**What you are asked to do:** Each line of the records below that contains "solids" needs to be copied.

*** Input data Section Begins ***

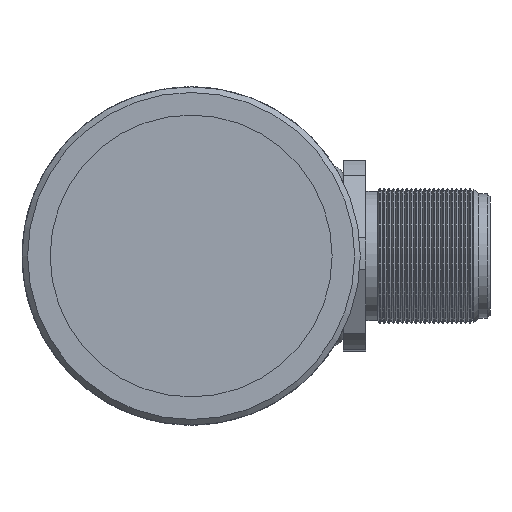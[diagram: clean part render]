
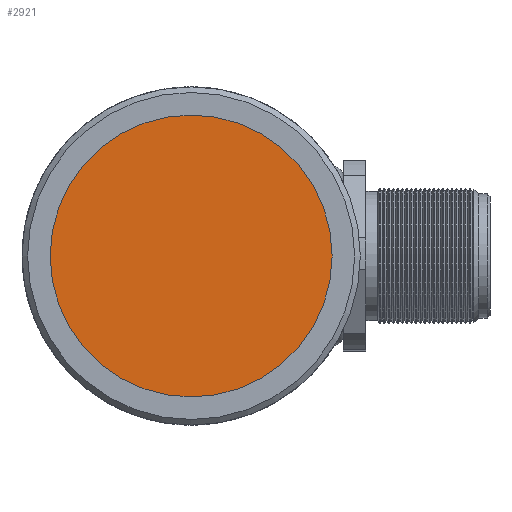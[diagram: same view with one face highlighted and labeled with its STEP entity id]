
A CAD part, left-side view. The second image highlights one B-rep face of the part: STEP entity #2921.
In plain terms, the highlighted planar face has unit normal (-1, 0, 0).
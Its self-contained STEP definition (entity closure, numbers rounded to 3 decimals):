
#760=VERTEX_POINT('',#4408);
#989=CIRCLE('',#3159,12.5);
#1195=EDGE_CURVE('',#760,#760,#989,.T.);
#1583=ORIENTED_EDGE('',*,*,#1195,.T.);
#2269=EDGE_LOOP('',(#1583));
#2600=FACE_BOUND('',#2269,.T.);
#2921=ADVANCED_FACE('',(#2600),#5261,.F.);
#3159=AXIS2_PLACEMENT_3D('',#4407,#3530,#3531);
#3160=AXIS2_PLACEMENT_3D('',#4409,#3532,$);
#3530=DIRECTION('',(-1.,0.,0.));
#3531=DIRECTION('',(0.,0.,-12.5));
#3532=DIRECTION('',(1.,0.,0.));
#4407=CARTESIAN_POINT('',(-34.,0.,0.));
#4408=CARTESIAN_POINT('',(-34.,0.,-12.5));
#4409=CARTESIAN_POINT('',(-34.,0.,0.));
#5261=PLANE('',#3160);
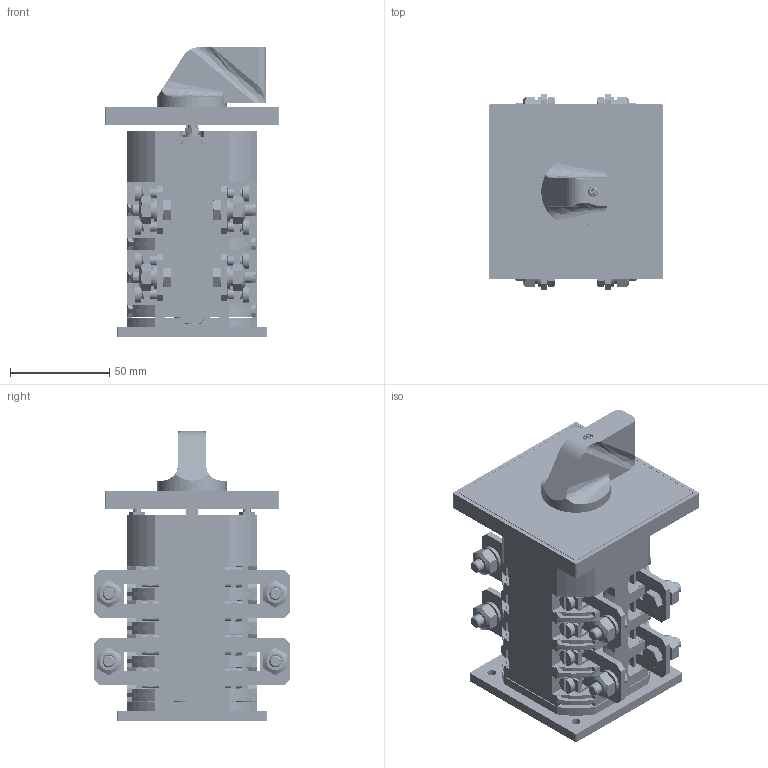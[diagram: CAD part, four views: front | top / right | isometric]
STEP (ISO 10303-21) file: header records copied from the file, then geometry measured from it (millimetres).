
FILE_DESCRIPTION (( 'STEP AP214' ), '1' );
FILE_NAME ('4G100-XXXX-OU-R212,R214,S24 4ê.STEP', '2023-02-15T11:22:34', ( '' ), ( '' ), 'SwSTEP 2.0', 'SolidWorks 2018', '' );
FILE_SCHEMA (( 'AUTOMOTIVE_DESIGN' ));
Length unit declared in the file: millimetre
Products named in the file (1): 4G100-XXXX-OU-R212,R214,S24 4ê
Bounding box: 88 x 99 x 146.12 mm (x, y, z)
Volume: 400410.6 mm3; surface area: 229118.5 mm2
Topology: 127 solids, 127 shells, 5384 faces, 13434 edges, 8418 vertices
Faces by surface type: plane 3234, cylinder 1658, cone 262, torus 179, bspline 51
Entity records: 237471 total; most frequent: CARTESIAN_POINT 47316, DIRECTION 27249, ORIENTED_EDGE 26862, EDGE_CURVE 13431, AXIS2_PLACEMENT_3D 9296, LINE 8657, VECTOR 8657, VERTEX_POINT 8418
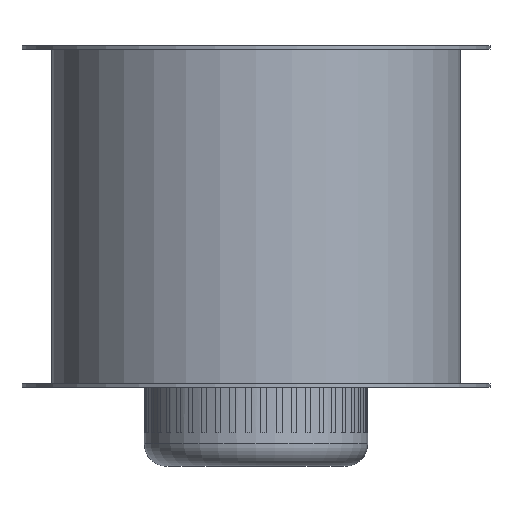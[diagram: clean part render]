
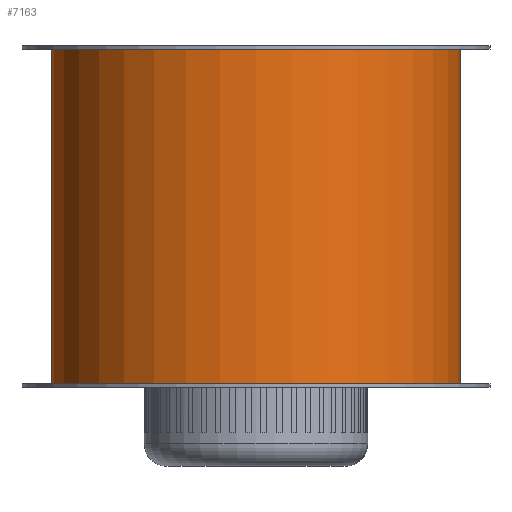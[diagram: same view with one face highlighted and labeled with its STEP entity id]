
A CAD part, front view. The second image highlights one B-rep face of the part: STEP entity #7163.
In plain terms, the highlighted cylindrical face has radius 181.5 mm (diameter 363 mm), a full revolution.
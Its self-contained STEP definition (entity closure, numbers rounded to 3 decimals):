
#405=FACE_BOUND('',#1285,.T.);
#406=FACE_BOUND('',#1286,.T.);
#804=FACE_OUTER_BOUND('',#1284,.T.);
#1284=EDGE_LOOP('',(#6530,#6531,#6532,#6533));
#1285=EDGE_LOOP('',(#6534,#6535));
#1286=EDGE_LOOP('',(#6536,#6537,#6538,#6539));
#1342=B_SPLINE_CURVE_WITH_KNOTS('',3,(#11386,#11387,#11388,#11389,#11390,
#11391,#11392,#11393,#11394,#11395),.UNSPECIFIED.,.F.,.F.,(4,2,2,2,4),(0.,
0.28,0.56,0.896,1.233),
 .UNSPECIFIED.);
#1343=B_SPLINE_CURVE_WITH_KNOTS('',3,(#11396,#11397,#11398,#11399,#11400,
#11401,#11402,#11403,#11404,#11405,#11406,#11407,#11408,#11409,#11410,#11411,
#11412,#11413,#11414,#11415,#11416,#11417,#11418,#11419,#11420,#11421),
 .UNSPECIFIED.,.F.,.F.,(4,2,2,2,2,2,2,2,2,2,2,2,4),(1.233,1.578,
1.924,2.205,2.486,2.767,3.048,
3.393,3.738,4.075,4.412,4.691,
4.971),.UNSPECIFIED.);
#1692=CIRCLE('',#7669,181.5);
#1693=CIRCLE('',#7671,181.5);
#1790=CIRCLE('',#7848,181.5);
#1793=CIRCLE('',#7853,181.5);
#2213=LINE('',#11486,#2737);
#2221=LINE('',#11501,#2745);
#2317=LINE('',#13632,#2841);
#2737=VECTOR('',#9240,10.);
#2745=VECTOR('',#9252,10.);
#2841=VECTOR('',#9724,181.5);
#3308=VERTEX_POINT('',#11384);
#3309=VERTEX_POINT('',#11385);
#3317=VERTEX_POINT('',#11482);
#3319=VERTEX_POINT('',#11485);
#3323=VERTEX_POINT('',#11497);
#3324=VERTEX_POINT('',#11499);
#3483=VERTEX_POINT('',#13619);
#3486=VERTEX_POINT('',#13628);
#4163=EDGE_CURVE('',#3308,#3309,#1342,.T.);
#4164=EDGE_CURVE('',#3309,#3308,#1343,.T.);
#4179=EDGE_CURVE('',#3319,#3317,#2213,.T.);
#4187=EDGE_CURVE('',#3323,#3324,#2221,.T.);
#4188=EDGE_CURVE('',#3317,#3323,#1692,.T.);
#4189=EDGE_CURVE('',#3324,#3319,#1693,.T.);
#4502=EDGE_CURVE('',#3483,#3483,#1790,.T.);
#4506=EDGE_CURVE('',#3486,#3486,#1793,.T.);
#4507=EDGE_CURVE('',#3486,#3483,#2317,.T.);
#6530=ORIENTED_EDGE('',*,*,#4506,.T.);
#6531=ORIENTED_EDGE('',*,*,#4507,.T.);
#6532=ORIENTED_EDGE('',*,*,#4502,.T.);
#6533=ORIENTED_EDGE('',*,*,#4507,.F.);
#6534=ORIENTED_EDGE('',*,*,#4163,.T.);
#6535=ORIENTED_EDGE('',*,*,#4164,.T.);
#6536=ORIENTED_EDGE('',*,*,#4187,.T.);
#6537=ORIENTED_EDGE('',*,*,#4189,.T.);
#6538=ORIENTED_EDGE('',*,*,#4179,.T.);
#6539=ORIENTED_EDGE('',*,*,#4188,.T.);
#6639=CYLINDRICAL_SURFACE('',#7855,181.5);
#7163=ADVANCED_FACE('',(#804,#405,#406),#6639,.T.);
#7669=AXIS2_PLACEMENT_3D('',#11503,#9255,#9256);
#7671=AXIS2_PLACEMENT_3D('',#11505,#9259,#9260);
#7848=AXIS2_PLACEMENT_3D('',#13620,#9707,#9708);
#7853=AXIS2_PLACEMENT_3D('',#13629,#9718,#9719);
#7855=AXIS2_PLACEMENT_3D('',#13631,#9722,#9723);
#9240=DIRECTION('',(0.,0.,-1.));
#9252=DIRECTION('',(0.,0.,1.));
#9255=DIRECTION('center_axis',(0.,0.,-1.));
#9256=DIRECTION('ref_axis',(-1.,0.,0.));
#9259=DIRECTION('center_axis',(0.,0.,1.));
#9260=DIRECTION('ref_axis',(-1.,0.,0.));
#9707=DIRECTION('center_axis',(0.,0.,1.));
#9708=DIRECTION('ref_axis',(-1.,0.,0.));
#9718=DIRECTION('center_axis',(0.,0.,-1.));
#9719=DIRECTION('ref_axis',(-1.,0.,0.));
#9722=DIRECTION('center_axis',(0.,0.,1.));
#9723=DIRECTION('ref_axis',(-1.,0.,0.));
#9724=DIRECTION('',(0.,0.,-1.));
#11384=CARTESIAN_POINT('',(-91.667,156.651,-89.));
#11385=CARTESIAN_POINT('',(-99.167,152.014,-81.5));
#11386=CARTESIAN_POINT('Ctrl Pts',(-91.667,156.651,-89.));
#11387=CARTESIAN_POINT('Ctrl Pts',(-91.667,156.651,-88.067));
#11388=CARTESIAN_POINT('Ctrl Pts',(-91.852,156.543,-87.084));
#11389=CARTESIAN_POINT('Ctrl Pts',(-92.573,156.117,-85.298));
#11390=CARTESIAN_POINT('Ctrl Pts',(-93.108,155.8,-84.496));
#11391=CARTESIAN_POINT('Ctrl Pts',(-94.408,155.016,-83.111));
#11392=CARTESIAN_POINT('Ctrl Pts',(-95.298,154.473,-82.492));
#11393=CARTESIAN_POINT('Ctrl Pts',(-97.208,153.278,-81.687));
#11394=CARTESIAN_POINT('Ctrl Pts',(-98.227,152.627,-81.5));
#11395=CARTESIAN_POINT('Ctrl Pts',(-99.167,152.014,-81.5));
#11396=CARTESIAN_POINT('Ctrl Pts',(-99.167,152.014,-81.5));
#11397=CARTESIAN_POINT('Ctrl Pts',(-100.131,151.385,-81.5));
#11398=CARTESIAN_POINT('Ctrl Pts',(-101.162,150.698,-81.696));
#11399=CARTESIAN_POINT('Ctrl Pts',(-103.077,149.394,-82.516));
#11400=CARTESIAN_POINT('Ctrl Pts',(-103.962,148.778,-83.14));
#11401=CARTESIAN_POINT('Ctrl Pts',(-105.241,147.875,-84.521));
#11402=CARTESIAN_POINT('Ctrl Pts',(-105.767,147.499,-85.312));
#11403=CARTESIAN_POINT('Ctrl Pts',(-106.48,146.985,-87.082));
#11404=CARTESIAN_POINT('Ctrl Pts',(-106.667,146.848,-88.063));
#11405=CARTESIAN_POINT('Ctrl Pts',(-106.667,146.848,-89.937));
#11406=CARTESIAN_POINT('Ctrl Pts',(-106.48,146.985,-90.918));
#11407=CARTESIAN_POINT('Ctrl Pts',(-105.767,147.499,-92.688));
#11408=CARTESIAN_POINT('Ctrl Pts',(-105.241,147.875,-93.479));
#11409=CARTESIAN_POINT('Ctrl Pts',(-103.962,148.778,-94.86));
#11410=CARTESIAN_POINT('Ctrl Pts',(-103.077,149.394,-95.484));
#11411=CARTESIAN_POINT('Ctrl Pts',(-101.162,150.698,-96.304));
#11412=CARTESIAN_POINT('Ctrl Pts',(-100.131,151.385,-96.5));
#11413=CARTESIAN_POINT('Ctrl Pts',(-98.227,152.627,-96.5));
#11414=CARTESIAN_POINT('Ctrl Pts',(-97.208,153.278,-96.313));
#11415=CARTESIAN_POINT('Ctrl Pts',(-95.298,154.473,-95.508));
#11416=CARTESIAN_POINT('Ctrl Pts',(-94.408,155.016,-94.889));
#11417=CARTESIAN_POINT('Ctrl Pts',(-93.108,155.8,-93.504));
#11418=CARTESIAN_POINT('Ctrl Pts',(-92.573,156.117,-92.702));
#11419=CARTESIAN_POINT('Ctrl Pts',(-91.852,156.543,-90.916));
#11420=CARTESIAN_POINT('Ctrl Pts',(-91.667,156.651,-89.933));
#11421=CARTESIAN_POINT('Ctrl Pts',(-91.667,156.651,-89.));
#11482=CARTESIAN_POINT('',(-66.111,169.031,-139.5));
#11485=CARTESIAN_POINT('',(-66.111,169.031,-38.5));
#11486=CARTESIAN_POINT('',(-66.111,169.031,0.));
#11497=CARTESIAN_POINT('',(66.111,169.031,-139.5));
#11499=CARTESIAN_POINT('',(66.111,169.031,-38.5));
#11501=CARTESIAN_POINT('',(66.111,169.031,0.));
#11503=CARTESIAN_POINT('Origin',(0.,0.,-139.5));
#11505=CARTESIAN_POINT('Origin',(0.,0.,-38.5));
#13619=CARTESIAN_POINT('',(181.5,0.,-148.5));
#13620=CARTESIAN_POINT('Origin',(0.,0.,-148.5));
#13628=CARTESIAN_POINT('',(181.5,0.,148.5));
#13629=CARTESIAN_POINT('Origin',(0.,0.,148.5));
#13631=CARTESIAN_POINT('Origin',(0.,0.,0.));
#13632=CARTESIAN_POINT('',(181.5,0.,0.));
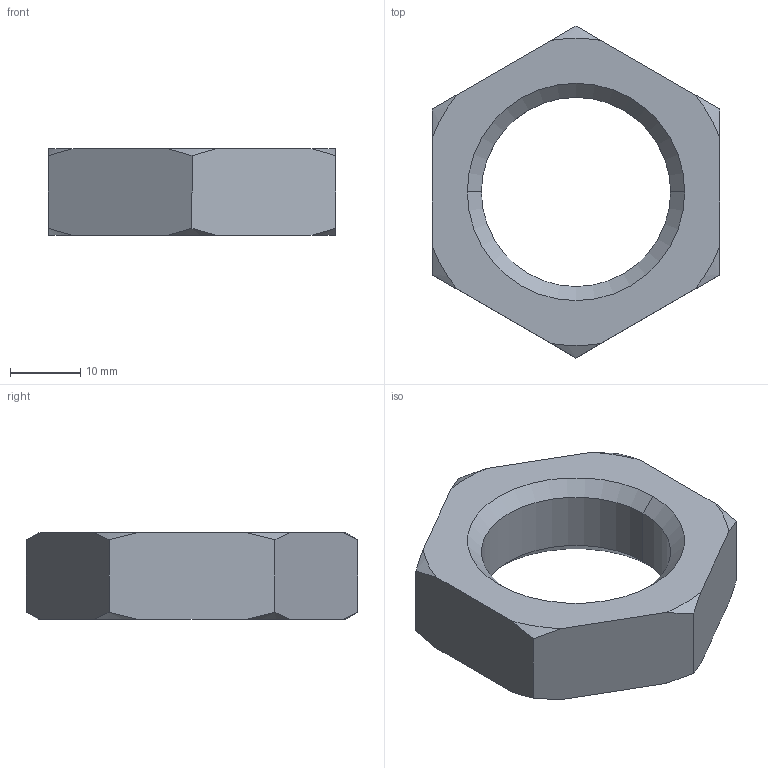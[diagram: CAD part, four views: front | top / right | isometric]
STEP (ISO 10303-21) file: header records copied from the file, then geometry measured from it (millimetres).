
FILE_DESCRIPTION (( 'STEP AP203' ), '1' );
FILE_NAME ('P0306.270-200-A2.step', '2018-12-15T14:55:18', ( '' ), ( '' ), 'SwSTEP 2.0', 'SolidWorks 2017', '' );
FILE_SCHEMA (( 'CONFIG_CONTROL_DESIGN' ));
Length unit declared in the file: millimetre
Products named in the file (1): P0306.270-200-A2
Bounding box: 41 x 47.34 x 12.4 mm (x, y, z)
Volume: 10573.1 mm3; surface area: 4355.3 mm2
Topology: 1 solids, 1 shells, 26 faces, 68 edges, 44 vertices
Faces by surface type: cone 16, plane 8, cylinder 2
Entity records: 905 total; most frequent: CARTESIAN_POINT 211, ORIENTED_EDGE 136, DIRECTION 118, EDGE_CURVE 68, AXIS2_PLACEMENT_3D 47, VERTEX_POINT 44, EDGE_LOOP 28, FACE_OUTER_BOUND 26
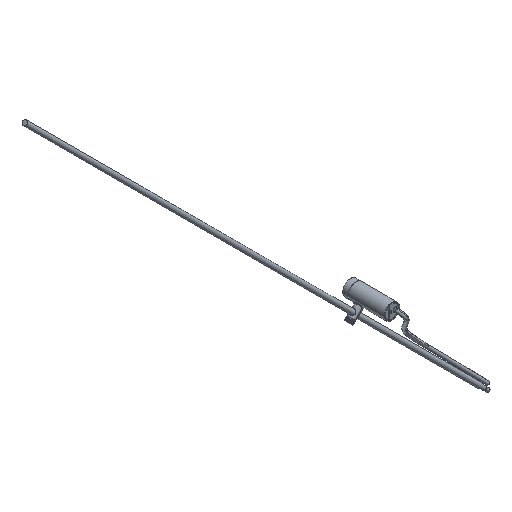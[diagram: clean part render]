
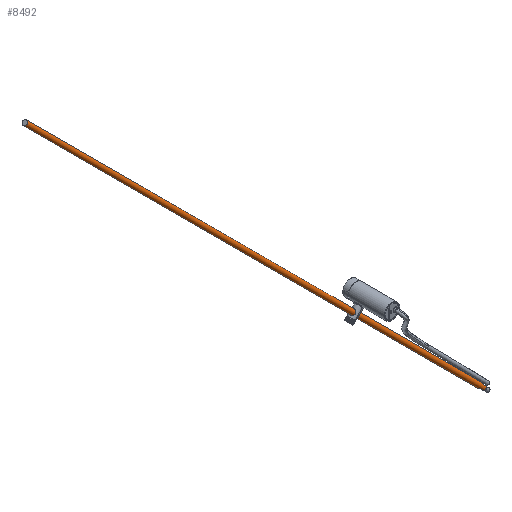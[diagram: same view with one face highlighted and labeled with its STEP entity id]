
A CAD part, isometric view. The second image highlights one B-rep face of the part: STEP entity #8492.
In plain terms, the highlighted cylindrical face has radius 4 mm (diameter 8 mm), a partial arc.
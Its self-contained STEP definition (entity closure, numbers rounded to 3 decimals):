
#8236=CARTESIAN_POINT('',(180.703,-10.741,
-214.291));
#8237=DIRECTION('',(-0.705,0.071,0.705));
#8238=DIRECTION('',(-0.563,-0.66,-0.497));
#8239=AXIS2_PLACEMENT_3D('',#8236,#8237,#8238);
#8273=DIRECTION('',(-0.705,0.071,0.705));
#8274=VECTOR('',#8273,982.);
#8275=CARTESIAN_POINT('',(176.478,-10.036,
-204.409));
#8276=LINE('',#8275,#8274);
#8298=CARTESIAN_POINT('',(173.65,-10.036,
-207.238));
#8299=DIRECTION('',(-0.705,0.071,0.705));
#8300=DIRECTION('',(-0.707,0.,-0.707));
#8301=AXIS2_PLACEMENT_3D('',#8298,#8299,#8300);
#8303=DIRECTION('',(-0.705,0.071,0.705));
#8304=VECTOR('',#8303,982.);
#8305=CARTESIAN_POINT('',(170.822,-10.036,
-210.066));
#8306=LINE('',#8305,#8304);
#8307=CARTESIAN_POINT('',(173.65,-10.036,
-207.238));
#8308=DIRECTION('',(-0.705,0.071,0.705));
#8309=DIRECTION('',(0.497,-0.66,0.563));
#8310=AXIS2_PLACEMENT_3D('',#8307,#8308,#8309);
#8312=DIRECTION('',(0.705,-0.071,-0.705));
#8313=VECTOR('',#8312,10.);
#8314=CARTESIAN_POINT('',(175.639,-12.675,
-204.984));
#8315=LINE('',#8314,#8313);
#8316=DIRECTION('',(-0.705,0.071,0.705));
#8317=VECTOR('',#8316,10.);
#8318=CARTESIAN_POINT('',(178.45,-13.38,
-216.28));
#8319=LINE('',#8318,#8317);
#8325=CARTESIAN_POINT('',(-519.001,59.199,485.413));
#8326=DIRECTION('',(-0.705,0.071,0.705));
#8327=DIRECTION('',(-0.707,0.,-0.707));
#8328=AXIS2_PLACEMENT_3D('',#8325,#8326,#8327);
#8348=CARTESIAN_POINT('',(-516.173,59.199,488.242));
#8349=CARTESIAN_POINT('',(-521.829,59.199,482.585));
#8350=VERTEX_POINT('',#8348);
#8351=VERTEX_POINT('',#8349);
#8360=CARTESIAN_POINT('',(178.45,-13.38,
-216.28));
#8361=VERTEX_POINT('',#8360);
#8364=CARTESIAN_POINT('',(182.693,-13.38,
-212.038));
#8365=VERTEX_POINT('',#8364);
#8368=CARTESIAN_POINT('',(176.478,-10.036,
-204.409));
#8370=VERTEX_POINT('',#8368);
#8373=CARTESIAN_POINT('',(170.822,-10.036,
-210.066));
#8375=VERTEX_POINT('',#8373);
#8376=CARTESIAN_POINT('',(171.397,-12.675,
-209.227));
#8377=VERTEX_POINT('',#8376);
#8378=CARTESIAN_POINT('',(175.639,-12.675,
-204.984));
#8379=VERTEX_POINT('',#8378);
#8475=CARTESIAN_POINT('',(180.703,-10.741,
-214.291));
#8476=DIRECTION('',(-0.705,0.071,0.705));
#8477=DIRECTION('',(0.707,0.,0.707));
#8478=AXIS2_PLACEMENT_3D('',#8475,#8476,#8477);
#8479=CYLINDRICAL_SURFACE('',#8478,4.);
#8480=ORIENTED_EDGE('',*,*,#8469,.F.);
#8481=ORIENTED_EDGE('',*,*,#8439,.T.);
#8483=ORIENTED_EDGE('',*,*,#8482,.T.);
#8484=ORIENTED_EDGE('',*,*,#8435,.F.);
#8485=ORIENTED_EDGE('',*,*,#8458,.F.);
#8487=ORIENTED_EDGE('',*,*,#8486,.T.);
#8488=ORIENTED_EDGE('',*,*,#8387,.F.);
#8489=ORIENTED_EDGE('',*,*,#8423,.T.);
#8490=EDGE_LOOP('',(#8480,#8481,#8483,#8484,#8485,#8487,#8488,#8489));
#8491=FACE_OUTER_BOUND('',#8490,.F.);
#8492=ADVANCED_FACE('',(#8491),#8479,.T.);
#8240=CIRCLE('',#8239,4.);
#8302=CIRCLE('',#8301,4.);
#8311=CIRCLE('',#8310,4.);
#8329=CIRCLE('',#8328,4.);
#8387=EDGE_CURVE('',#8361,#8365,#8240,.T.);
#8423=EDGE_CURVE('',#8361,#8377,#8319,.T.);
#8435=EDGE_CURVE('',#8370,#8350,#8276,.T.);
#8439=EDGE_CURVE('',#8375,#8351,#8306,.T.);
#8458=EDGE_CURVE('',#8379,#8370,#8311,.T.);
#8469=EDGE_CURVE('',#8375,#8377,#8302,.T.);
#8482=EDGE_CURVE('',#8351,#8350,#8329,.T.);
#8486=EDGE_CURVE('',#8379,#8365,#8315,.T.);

*** Input data Section Ends ***

**Solution to this problem:**
Topology: 127 solids, 127 shells, 5384 faces, 13434 edges, 8418 vertices
Topology: 1 solids, 1 shells, 26 faces, 68 edges, 44 vertices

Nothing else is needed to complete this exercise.